In the OOH industry, you know, billboards for anyone over 55, the buying and selling of OOH space is a treacherous game. We go back and forth, adjust the rates, add in bonus units, extend extra time, include production maybe, ride the units with the client, buy them sushi and at the last minute that contract is still hanging out there. Agencies go thru this with the clients, OOH companies go thru this with agencies. Start dates may come and go, but that contract is still not in-house. Sometimes the deals fall thru, sometimes miraculously that contract comes in right at the last minute, but always it’s a battle of the nerves.

That’s why I learned as far back as 2004, you always have one last option to close a buy, one last Hail Mary, one last 3-2 curve ball to throw that always, and I mean always works.

You pull a Lampkin.

message for Circle Graphics

Don’t worry about what the name means, that’s not important for now. What is important is that you get the deal done and the billboard runs on time. Or close to it. I probably whipped out at least 15 Lampkins as an OOH sales person then another 15 as an OOH buyer since ’04.

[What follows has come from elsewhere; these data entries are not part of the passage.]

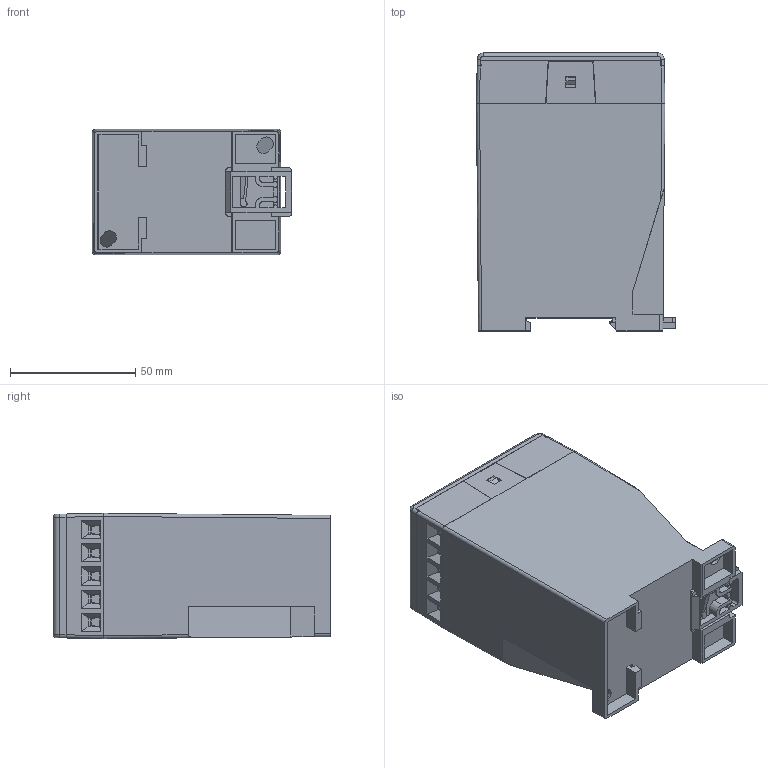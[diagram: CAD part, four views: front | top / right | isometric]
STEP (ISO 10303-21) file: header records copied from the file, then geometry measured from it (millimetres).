
FILE_DESCRIPTION (( 'STEP AP203' ), '1' );
FILE_NAME ('RT-120.STEP', '2021-10-08T10:37:39', ( '' ), ( '' ), 'SwSTEP 2.0', 'SolidWorks 2021', '' );
FILE_SCHEMA (( 'CONFIG_CONTROL_DESIGN' ));
Length unit declared in the file: millimetre
Products named in the file (8): RT-122-P-3; RT-122-P-1; RT-122-P-2; A-75_metal; RT-115_rail_lock; A-75_vida; A-75; RT-120
Assembly tree (34 placements, depth 2):
  RT-120
    RT-122-P-1
    RT-122-P-2
    RT-122-P-3
    A-75  x10
    A-75_vida  x10
    A-75_metal  x10
    RT-115_rail_lock
Bounding box: 79.45 x 110.9 x 50 mm (x, y, z)
Volume: 70041.3 mm3; surface area: 97051.2 mm2
Topology: 34 solids, 34 shells, 4943 faces, 12543 edges, 7667 vertices
Faces by surface type: plane 3851, cylinder 918, cone 68, torus 60, bspline 46
Entity records: 42325 total; most frequent: CARTESIAN_POINT 9457, ORIENTED_EDGE 6816, DIRECTION 5979, EDGE_CURVE 3408, VECTOR 2955, LINE 2955, VERTEX_POINT 2195, AXIS2_PLACEMENT_3D 1512

By now you’ve hopefully figured out what exactly a Lampkin is. It’s that last resort, that final push, incentive, arm twist, bribe, box of candy, flowers, 6 pack of Natty Bo, dirty photos or a subliminal threat to get that signed order. It’s do or die by the time you whip out The Lampkin.

Like The Exorcist, it’s the one hope, the only hope.

The Lampkin.

Just please, whatever you do, don’t say “what’s it going to take for you to be on that billboard by the end of the week?” That is definitely not a Lampkin. That’s just embarrassing and you will lose all privileges and rights to conjuring up any sort of Lampkin for years to come. You most likely will even change careers if you utter that line.

Oh, yeah, almost forgot. You probably want to know where I got the term The Lampkin from. Well, it is most definitely not related to OOH.  Not even close to anything advertising related. You see, my cousins, that’s right, my world famous Uncle Pete’s family, who lived about a mile from us had a wonderful neighbor who lived in a sweet Chicago style ranch home. You guessed it, that was the always friendly, apron wearing Mrs Lampkin. We knew her for over 25 years and she always looked like she was 65. I don’t think she had a first name, just Mrs. When times were tough, Mrs Lampkin always came thru in the clutch. Need a car when yours dies? She will sell you hers on low low monthly payments, then go buy a new one. Need some cash for a week, call Mrs Lampkin. No interest! In a bind where the kids can go after school and you’re still at work? Mrs Lampkin is home making cookies. And she will turn Batman on her TV for them.

You see everybody in their life whether it’s work or family needs a Lampkin to come in and close the deal.

They aren’t easy to find, and they should always be your last option. Like an Exorcist, when you are in that bind, hold dearly onto those Lampkins. They will save your ass because you never know when you’ll need a good used car, washed and filled with gas, or help to close that billboard deal. Lampkins are very versatile.

And please, remember to say thank you. That’s all she wants. That and a smile. Maybe take her trash out or cut her lawn too. That Lampkin might just save your job.